I’m trying to figure out how exactly ON
and WHERE
work when doing a JOIN
My understanding based on other questions is that I should filter in where
when the condition is on the left side of the join, and in the on
clause when filtering on the right side
select * from A left join B
ON A.something=B.something AND {some_condition_on_B}
WHERE {some_condition_on_A}
I have encountered an issue with a partitioned A table
this select is very slow :
select * from
A
left join
B ON A.something=B.something
WHERE {A.foo = bar}
while this makes the query faster:
select * from
A
left join B ON A.something=B.something AND {A.foo = bar}
WHERE {A.foo = bar}
My question is how come the second select is faster ? Is it something I’m missing, because it seems that it shouldn’t make a difference
2
Answers
This joins the tables together and anything which matches A.something = B.something will join. Anything else will have a bunch of null values (more data to be transfered before the final filter)

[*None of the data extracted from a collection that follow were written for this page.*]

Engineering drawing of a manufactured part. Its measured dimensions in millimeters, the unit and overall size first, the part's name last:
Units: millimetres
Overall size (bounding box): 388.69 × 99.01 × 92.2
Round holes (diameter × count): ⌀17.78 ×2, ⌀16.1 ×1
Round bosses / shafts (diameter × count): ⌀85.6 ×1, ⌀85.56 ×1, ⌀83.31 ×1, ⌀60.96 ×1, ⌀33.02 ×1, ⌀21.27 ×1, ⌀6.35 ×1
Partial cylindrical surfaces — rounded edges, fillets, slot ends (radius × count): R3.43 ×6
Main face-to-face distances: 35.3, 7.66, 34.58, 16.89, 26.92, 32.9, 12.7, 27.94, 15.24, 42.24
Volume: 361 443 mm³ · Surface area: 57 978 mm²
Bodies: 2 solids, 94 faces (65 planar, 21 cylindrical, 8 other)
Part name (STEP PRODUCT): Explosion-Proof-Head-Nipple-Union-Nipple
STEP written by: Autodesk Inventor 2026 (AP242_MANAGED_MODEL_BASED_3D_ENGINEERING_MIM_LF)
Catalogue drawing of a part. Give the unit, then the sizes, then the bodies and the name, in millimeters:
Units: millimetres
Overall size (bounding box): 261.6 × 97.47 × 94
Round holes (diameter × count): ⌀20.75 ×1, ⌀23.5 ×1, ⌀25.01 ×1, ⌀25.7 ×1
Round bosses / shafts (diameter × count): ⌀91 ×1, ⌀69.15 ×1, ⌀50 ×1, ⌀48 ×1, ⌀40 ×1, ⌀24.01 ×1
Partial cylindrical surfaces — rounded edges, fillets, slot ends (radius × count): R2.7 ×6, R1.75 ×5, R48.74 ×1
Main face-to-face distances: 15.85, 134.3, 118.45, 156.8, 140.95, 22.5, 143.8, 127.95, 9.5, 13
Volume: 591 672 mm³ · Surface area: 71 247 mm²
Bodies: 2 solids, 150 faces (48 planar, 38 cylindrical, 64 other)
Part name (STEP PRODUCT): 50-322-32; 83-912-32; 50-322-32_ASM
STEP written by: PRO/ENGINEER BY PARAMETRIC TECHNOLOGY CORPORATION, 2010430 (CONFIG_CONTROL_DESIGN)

This one joins the tables together, but will result in more null records if nothing was found which matches the condition {A.foo = bar} as well as A.Something = B.something. So less data is being transferred around before we get to the Where condition.
Both at the end are checking if they are equal (a null will never equals what it is being compared against, even another null)
Don’t ask people to explain, ask your PostgreSQL to
explain
: demoQuery plans heavily depend on the profile of your dataset, your schema and server config, traffic on the table, all of which can change in time and between versions. Anything anyone can tell you about why these queries behave the way they do on your setup based on just the statement will be a pretty useless blind guess.
If you instead ask your PostgreSQL to
explain analyze
, it’ll tell you exactly what it did, how and why, based on a very detailed knowledge of everything it depends on.